Power Text-Generation Applications with Mistral NeMo 12B Running on a Single GPU

Originally published at: https://developer.nvidia.com/blog/power-text-generation-applications-with-mistral-nemo-12b-running-on-a-single-gpu/

NVIDIA collaborated with Mistral to co-build the next-generation language model that achieves leading performance across benchmarks in its class. With a growing number of language models purpose-built for select tasks, NVIDIA Research and Mistral AI combined forces to offer a versatile, open language model that’s performant and runs on a single GPU. This post explores…

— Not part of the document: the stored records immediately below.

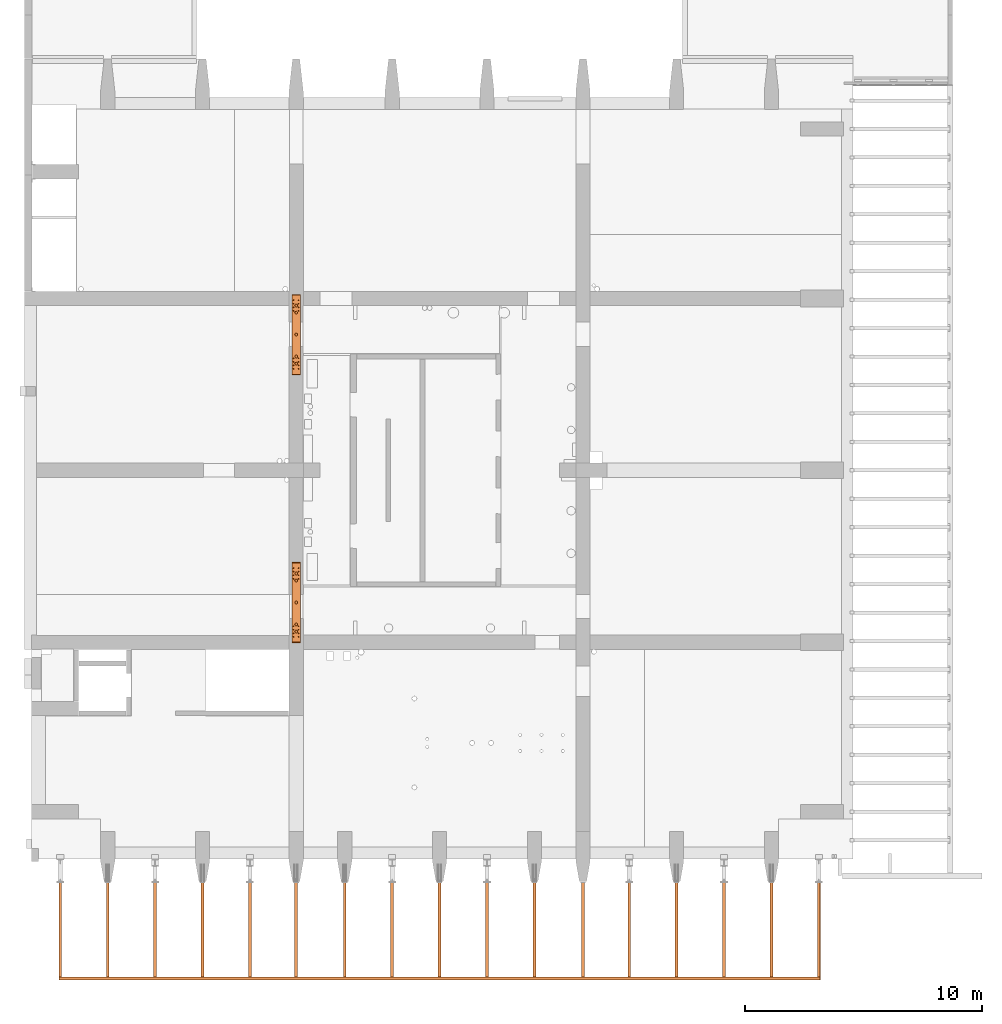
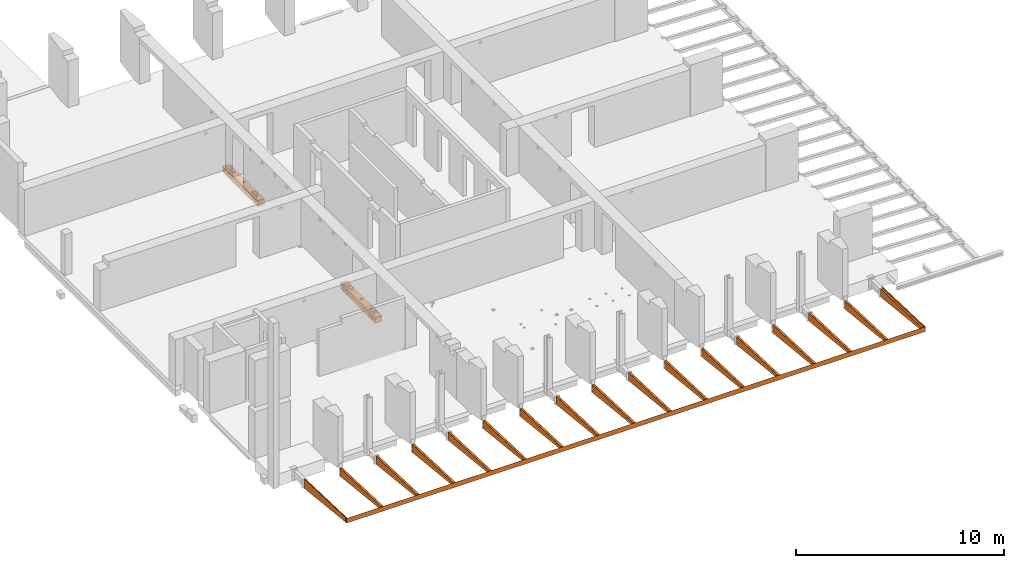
# One storey, part 24 of 27: 20 proxies.
"""IFC2X3 building model written with IfcOpenShell, lengths in millimetres."""

from ifc_helpers import new_model, entity, si_unit, converted_unit, derived_unit, direction, frame, frame_2d, origin, origin_2d_with_axis, place, context, subcontext, project, spatial, polyline, circle_curve, parameter, trimmed, segment, composite_curve, rectangle, circle, outline, extrude, source, transform, mapped, material, material_list, type_object, type_shapes, element, save


model = new_model("IFC2X3")

# Units and contexts
model_context = context("Model", 3, precision=0.01, world=origin(), true_north=direction((6.12303176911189e-17, 1.0)))
body_context = subcontext(model_context, "Body", "Model", "MODEL_VIEW")
ifc_project = project(units=[si_unit("LENGTHUNIT", "METRE", prefix="MILLI"), si_unit("AREAUNIT", "SQUARE_METRE"), si_unit("VOLUMEUNIT", "CUBIC_METRE"), converted_unit("PLANEANGLEUNIT", "DEGREE", entity("IfcRatioMeasure", 0.0174532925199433), si_unit("PLANEANGLEUNIT", "RADIAN"), dimensions=[0, 0, 0, 0, 0, 0, 0]), si_unit("MASSUNIT", "GRAM", prefix="KILO"), derived_unit("MASSDENSITYUNIT", [(si_unit("MASSUNIT", "GRAM", prefix="KILO"), 1), (si_unit("LENGTHUNIT", "METRE"), -3)]), si_unit("TIMEUNIT", "SECOND"), si_unit("FREQUENCYUNIT", "HERTZ"), si_unit("THERMODYNAMICTEMPERATUREUNIT", "DEGREE_CELSIUS"), derived_unit("THERMALTRANSMITTANCEUNIT", [(si_unit("MASSUNIT", "GRAM", prefix="KILO"), 1), (si_unit("THERMODYNAMICTEMPERATUREUNIT", "KELVIN"), -1), (si_unit("TIMEUNIT", "SECOND"), -3)]), derived_unit("VOLUMETRICFLOWRATEUNIT", [(si_unit("LENGTHUNIT", "METRE"), 3), (si_unit("TIMEUNIT", "SECOND"), -1)]), si_unit("ELECTRICCURRENTUNIT", "AMPERE"), si_unit("ELECTRICVOLTAGEUNIT", "VOLT"), si_unit("POWERUNIT", "WATT"), si_unit("FORCEUNIT", "NEWTON", prefix="KILO"), si_unit("ILLUMINANCEUNIT", "LUX"), si_unit("LUMINOUSFLUXUNIT", "LUMEN"), si_unit("LUMINOUSINTENSITYUNIT", "CANDELA"), derived_unit("USERDEFINED", [(si_unit("MASSUNIT", "GRAM", prefix="KILO"), -1), (si_unit("LENGTHUNIT", "METRE"), -2), (si_unit("TIMEUNIT", "SECOND"), 3), (si_unit("LUMINOUSFLUXUNIT", "LUMEN"), 1)]), derived_unit("LINEARVELOCITYUNIT", [(si_unit("LENGTHUNIT", "METRE"), 1), (si_unit("TIMEUNIT", "SECOND"), -1)]), si_unit("PRESSUREUNIT", "PASCAL"), derived_unit("USERDEFINED", [(si_unit("LENGTHUNIT", "METRE"), -2), (si_unit("MASSUNIT", "GRAM", prefix="KILO"), 1), (si_unit("TIMEUNIT", "SECOND"), -2)])], contexts=[model_context])

# Site, building, storey
site_placement = place(None, origin())
site = spatial("IfcSite", under=ifc_project, at=site_placement, Name="Default", CompositionType="ELEMENT")
building_placement = place(site_placement, origin())
building = spatial("IfcBuilding", under=site, at=building_placement, Name="niet gebruiken", CompositionType="ELEMENT")
storey_placement = place(building_placement, frame((0.0, 0.0, 6000.0)))
storey = spatial("IfcBuildingStorey", under=building, at=storey_placement, Name="01 eerste verdieping", CompositionType="ELEMENT", Elevation=6000.0)

# Proxies
building_element_proxy_type_1 = type_object("IfcBuildingElementProxyType", Name="3350x360x360", PredefinedType="NOTDEFINED")
shared_shape_1 = source(origin(), body_context, "Body", "SweptSolid", [
    extrude(circle(Radius=20.0, at=frame_2d((0.0, -3.38395977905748e-14), x_axis=(1.0, 0.0))), frame((-1150.0, 105.0, 430.0)), (0.0, 0.0, 1.0), 9.99999999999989),
    extrude(circle(Radius=9.5, at=frame_2d((0.0, -1.69197988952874e-14), x_axis=(1.0, 0.0))), frame((-1150.0, 105.0, 360.0)), (0.0, 0.0, 1.0), 69.9999999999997),
    extrude(circle(Radius=20.0, at=frame_2d((0.0, -3.38395977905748e-14), x_axis=(1.0, 0.0))), frame((-1150.0, -105.0, 430.0)), (0.0, 0.0, 1.0), 9.99999999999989),
    extrude(circle(Radius=9.5, at=frame_2d((0.0, -1.69197988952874e-14), x_axis=(1.0, 0.0))), frame((-1150.0, -105.0, 360.0)), (0.0, 0.0, 1.0), 69.9999999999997),
    extrude(circle(Radius=20.0, at=frame_2d((0.0, -3.38395977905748e-14), x_axis=(1.0, 0.0))), frame((-1300.0, 105.0, 430.0)), (0.0, 0.0, 1.0), 9.99999999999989),
    extrude(circle(Radius=9.5, at=frame_2d((0.0, -1.69197988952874e-14), x_axis=(1.0, 0.0))), frame((-1300.0, 105.0, 360.0)), (0.0, 0.0, 1.0), 69.9999999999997),
    extrude(circle(Radius=20.0, at=frame_2d((0.0, -3.38395977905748e-14), x_axis=(1.0, 0.0))), frame((-1300.0, -105.0, 430.0)), (0.0, 0.0, 1.0), 9.99999999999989),
    extrude(circle(Radius=9.5, at=frame_2d((0.0, -1.69197988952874e-14), x_axis=(1.0, 0.0))), frame((-1300.0, -105.0, 360.0)), (0.0, 0.0, 1.0), 69.9999999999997),
    extrude(circle(Radius=20.0, at=frame_2d((0.0, -3.38395977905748e-14), x_axis=(1.0, 0.0))), frame((-1000.0, 105.0, 430.0)), (0.0, 0.0, 1.0), 9.99999999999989),
    extrude(circle(Radius=9.5, at=frame_2d((0.0, -1.69197988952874e-14), x_axis=(1.0, 0.0))), frame((-1000.0, 105.0, 360.0)), (0.0, 0.0, 1.0), 69.9999999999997),
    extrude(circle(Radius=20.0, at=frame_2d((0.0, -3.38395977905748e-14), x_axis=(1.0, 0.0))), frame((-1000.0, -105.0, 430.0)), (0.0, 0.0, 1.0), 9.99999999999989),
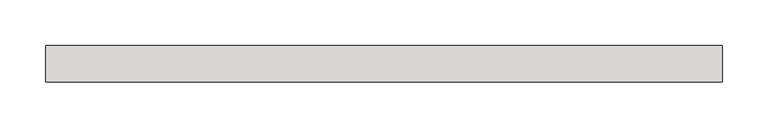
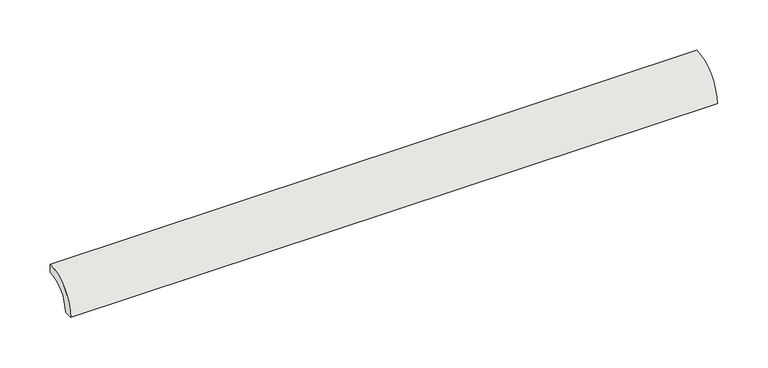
"""IFC4 building model written with IfcOpenShell, lengths in millimetres: slab geometry, ROSA GRES_183 : Pieza 183_Serena_Ocra_Anti-Slip."""

from ifc_helpers import new_model, si_unit, point, frame, frame_2d, origin, origin_2d, place, context, project, spatial, polyline, circle_curve, trimmed, segment, composite_curve, outline, extrude, source, transform, mapped, element, save


def slab_76489110(model_context):
    return source(origin(), model_context, "Body", "SweptSolid", [
        extrude(outline(composite_curve([segment(polyline([(0.0, 40.0), (0.0, 30.0265886)]), True, "CONTINUOUS"), segment(trimmed(circle_curve(frame_2d((-0.0044453, 0.0044453)), 30.0221435), [point((0.0, 30.0265886))], [point((-30.0265886, 0.0))], True, "CARTESIAN"), True, "CONTINUOUS"), segment(polyline([(-30.0265886, 0.0), (-40.0, 0.0)]), True, "CONTINUOUS"), segment(trimmed(circle_curve(origin_2d(), 40.0), [point((-40.0, 0.0))], [point((0.0, 40.0))], False, "CARTESIAN"), True, "CONTINUOUS")], self_intersect=False)), frame((0.0, 0.0, 0.0), z_axis=(1.0, 0.0, 0.0), x_axis=(0.0, 1.0, 0.0)), (0.0, 0.0, 1.0), 740.0),
    ])


if __name__ == "__main__":
    model = new_model("IFC4")
    model_context = context("Model", 3, world=origin())
    ifc_project = project(units=[si_unit("LENGTHUNIT", "METRE", prefix="MILLI")], contexts=[model_context])
    site = spatial("IfcSite", under=ifc_project)
    building = spatial("IfcBuilding", under=site)
    placement = place(None, origin())
    slab_shape = slab_76489110(model_context)
    element("IfcSlab", 1, ObjectType="ROSA GRES_183 : Pieza 183_Serena_Ocra_Anti-Slip", at=placement, inside=building, context=model_context, shape_type="MappedRepresentation", body=[
        mapped(slab_shape, transform((0.0, 0.0, 0.0), x_axis=(1.0, 0.0, 0.0), y_axis=(0.0, 1.0, 0.0), z_axis=(0.0, 0.0, 1.0))),
    ])
    save(model, "model.ifc")
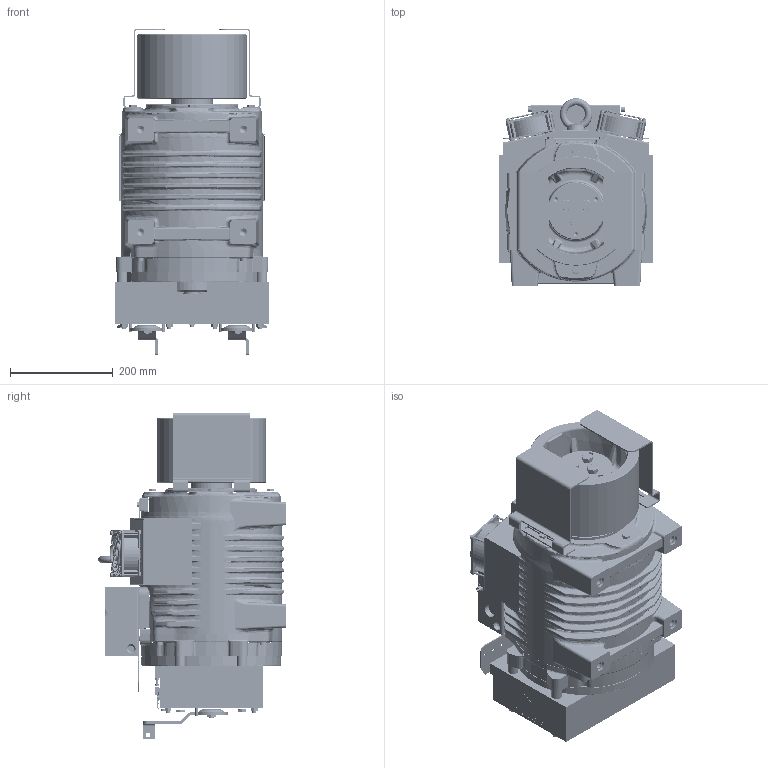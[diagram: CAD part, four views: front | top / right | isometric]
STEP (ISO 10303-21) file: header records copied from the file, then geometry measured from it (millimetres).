
FILE_DESCRIPTION((''),'2;1');
FILE_NAME('00366577_ASM','2023-06-05T12:19:54',('AsgharM'),('Sicor spa'),'CREO PARAMETRIC BY PTC INC, 2022164','CREO PARAMETRIC BY PTC INC, 2022164','');
FILE_SCHEMA(('CONFIG_CONTROL_DESIGN'));
Products named in the file (18): SG30_2023; G__210; _210_125; 00073486; GROWER_M12_GRO0002; TEM12X45_VIT0222; 00246001; M4_FTT_C; 00254619_ASM; 00254091; 00254090; 00254089_ASM; 00257271; 00042420_M4X50; TEM6X12_VIR0184; 00000263; 00257441_ASM; 00366577_ASM
Assembly tree (39 placements, depth 4):
  00366577_ASM
    SG30_2023
    G__210  x2
    _210_125
    00073486
    GROWER_M12_GRO0002  x3
    TEM12X45_VIT0222  x3
    00257441_ASM
      00254619_ASM
        00246001
        M4_FTT_C  x8
      00254089_ASM  x2
        00254091
        00254090
      00257271  x2
      00042420_M4X50  x8
      TEM6X12_VIR0184  x2
      00000263
Bounding box: 300.4 x 364.99 x 635.52 mm (x, y, z)
Volume: 3321440.8 mm3; surface area: 1918631.8 mm2
Topology: 36 solids, 289 shells, 5156 faces, 17606 edges, 12551 vertices
Faces by surface type: plane 2019, cylinder 1232, bspline 1037, torus 432, cone 402, sphere 34
Entity records: 249614 total; most frequent: CARTESIAN_POINT 120747, ORIENTED_EDGE 25158, DIRECTION 24443, EDGE_CURVE 16097, VERTEX_POINT 11662, VECTOR 9167, LINE 9167, AXIS2_PLACEMENT_3D 7638

‘Single GPU’. You mean a 6GB, 12GB, 24GB, 40GB, 80GB VRAM?. These basic things are important. Check out llama 3.1 Model Card for how they comprehensively broke down model description and requirements.

1 Like

Hi @babatundeolanipekun - this model being just 12B parameters and close to 24GB size will fit A100/H100/H200s easily. We’ll update the blog to include this specific information, thanks for your feedback.

1 Like

Thank you very much for the exciting article. Are the HumanEval benchmark values mentioned in the article for the Base or the Instruct model? Is there, by any chance, an overview with various benchmarks (HumanEval, MBPP) in which both models are listed? Were the values measured by yourselves or are they from other Research-Paper? Google, for example, reports values of 52.4 and 59.2 for its models Base and Instruction-Model on MBPP.